Update Siemens industrial VPN and firewall appliances used in severe environments remain unpatched after an advisory from ICS-CERT on Tuesday disclosed that a number of serious vulnerabilities exist in the gear.
Siemens has made a number of recommendations for workarounds, but it’s unknown whether any of the RUGGEDCOM products will be patched since some of the models identified have been end of life for more than a year. A request for comment from Siemens was not returned in time for publication.
“On March 28, 2017, Siemens issued Security Advisory SSA-327980 and released a tool to resolve all 5 issues affecting RUGGEDCOM ROX I devices,” a Siemens representative told Threatpost. “Siemens will update the advisory when new information becomes available.”
Researcher Maxim Rupp privately disclosed five vulnerabilities to the vendor, and said there are no public exploits in circulation for any of the bugs, however, he said that an attacker with relatively low skill level could exploit the issues.
Rupp said that Siemens RUGGEDCOM ROX I-based RX1000 devices running firmware version ROX1.16.1 and Webmin 1.160-2.rr880, are affected.
“An authenticated, malicious remote user with low skills would be able to compromise the availability, integrity, and confidentiality of the Siemens RX1000 industrial device. The router effectively becomes an entry point into the network where it is located,” Rupp said in an advisory. “Successful exploitation of these vulnerabilities could significantly lower the security of the network area where the affected device is located. Impact to individual organizations depends on many factors that are unique to each organization.”
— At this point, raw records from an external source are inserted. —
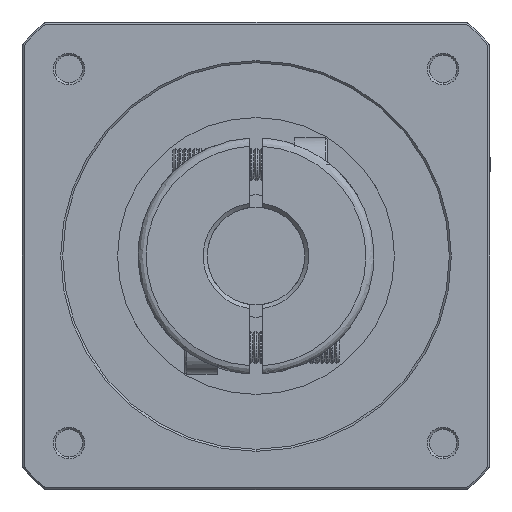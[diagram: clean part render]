
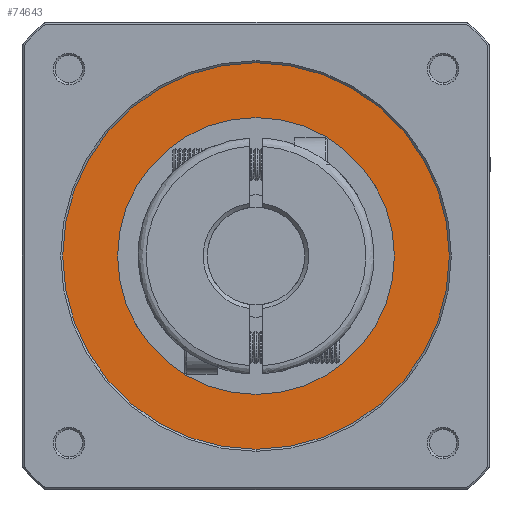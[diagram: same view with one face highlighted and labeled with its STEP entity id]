
A CAD part, front view. The second image highlights one B-rep face of the part: STEP entity #74643.
In plain terms, the highlighted planar face has unit normal (0, 1, 0).
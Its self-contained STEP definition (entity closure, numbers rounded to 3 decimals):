
#2362 = DIRECTION ( 'NONE',  ( 0., 0., -1. ) ) ;
#2710 = EDGE_CURVE ( 'NONE', #10079, #84926, #67877, .T. ) ;
#5386 = ORIENTED_EDGE ( 'NONE', *, *, #54806, .T. ) ;
#10079 = VERTEX_POINT ( 'NONE', #98232 ) ;
#16128 = CARTESIAN_POINT ( 'NONE',  ( 0., -131.611, 0. ) ) ;
#17791 = VERTEX_POINT ( 'NONE', #57536 ) ;
#22002 = FACE_OUTER_BOUND ( 'NONE', #53081, .T. ) ;
#23924 = DIRECTION ( 'NONE',  ( 0., 0., 1. ) ) ;
#24390 = CARTESIAN_POINT ( 'NONE',  ( -48.07, -131.611, -48.07 ) ) ;
#29654 = AXIS2_PLACEMENT_3D ( 'NONE', #37561, #91793, #45368 ) ;
#31225 = EDGE_LOOP ( 'NONE', ( #66202, #5386 ) ) ;
#32176 = DIRECTION ( 'NONE',  ( 1., 0., 0. ) ) ;
#32884 = VERTEX_POINT ( 'NONE', #34797 ) ;
#34797 = CARTESIAN_POINT ( 'NONE',  ( 0., -131.611, 34. ) ) ;
#37561 = CARTESIAN_POINT ( 'NONE',  ( 0., -131.611, 0. ) ) ;
#38237 = CARTESIAN_POINT ( 'NONE',  ( 0., -131.611, 0. ) ) ;
#40143 = AXIS2_PLACEMENT_3D ( 'NONE', #24390, #78514, #32176 ) ;
#43021 = ORIENTED_EDGE ( 'NONE', *, *, #2710, .F. ) ;
#45368 = DIRECTION ( 'NONE',  ( 0., 0., -1. ) ) ;
#46011 = DIRECTION ( 'NONE',  ( 0., 0., 1. ) ) ;
#47611 = EDGE_CURVE ( 'NONE', #84926, #10079, #80972, .T. ) ;
#48779 = DIRECTION ( 'NONE',  ( 0., -1., 0. ) ) ;
#49102 = ORIENTED_EDGE ( 'NONE', *, *, #47611, .F. ) ;
#53081 = EDGE_LOOP ( 'NONE', ( #49102, #43021 ) ) ;
#54806 = EDGE_CURVE ( 'NONE', #17791, #32884, #92690, .T. ) ;
#57536 = CARTESIAN_POINT ( 'NONE',  ( 0., -131.611, -34. ) ) ;
#59510 = AXIS2_PLACEMENT_3D ( 'NONE', #95170, #48779, #2362 ) ;
#60733 = FACE_BOUND ( 'NONE', #31225, .T. ) ;
#66202 = ORIENTED_EDGE ( 'NONE', *, *, #70901, .T. ) ;
#67336 = AXIS2_PLACEMENT_3D ( 'NONE', #38237, #92429, #46011 ) ;
#67877 = CIRCLE ( 'NONE', #59510, 47.5 ) ;
#70221 = DIRECTION ( 'NONE',  ( 0., -1., 0. ) ) ;
#70901 = EDGE_CURVE ( 'NONE', #32884, #17791, #96026, .T. ) ;
#74643 = ADVANCED_FACE ( 'NONE', ( #60733, #22002 ), #93755, .F. ) ;
#78514 = DIRECTION ( 'NONE',  ( 0., -1., 0. ) ) ;
#80972 = CIRCLE ( 'NONE', #29654, 47.5 ) ;
#84926 = VERTEX_POINT ( 'NONE', #89716 ) ;
#89716 = CARTESIAN_POINT ( 'NONE',  ( 0., -131.611, -47.5 ) ) ;
#91793 = DIRECTION ( 'NONE',  ( 0., -1., 0. ) ) ;
#92429 = DIRECTION ( 'NONE',  ( 0., -1., 0. ) ) ;
#92690 = CIRCLE ( 'NONE', #98157, 34. ) ;
#93755 = PLANE ( 'NONE',  #40143 ) ;
#95170 = CARTESIAN_POINT ( 'NONE',  ( 0., -131.611, 0. ) ) ;
#96026 = CIRCLE ( 'NONE', #67336, 34. ) ;
#98157 = AXIS2_PLACEMENT_3D ( 'NONE', #16128, #70221, #23924 ) ;
#98232 = CARTESIAN_POINT ( 'NONE',  ( 0., -131.611, 47.5 ) ) ;
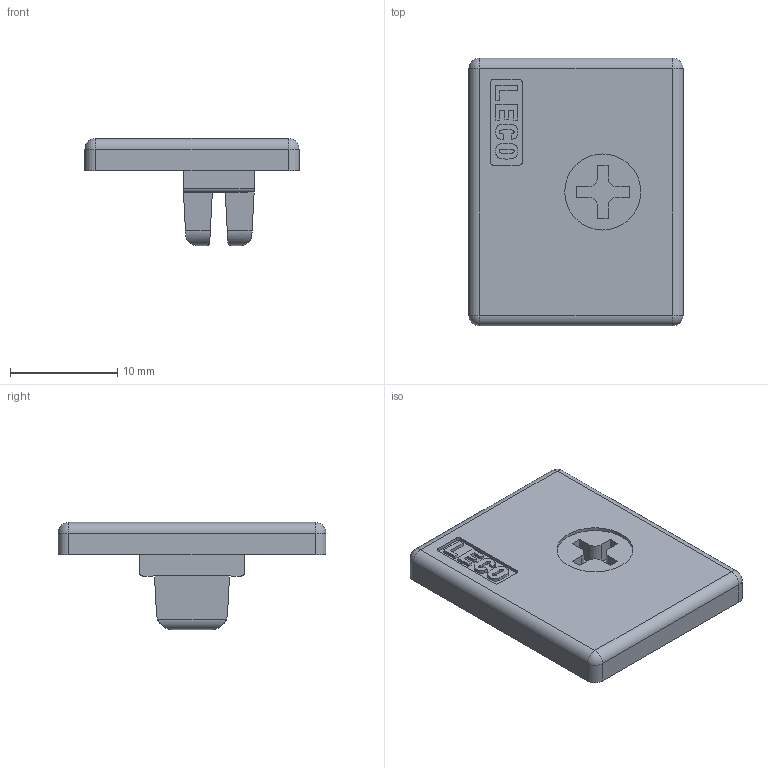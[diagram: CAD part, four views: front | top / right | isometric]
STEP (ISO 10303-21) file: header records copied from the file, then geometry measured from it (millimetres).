
FILE_DESCRIPTION(('STEP AP214'),'1');
FILE_NAME('E205.stp','2018-07-24T10:09:07',(' '),(' '),'Spatial InterOp 3D',' ',' ');
FILE_SCHEMA(('automotive_design'));
Length unit declared in the file: millimetre
Products named in the file (1): E205
Bounding box: 20 x 25 x 10 mm (x, y, z)
Volume: 1476.9 mm3; surface area: 1599.4 mm2
Topology: 1 solids, 1 shells, 133 faces, 351 edges, 226 vertices
Faces by surface type: plane 70, cylinder 59, sphere 4
Full cylindrical faces by diameter (mm): 7.1 x1
Entity records: 5198 total; most frequent: CARTESIAN_POINT 762, DIRECTION 716, ORIENTED_EDGE 692, EDGE_CURVE 346, AXIS2_PLACEMENT_3D 244, LINE 228, VECTOR 228, VERTEX_POINT 226

These devices are used in so-called “harsh environments,” Siemens said, such as electric utility substations and traffic control cabinets.
Rupp said that two of the five vulnerabilities are most severe: an unrestricted file upload issue, and a server misconfiguration.
Rupp said he found two serious misconfigurations: one where the webserver fails to protect directory contents and publicly lists private data; and another where all running processes are executed from a root account.
“Using this weakness a malicious user gains significant access to further compromise the infrastructure,” Rupp said. “The ability to sniff or modify network traffic allows for multiple attacks, such as DoS, MitM, or session hijacking. This could put other devices that are located in the same network as a RX1000 device under threat.”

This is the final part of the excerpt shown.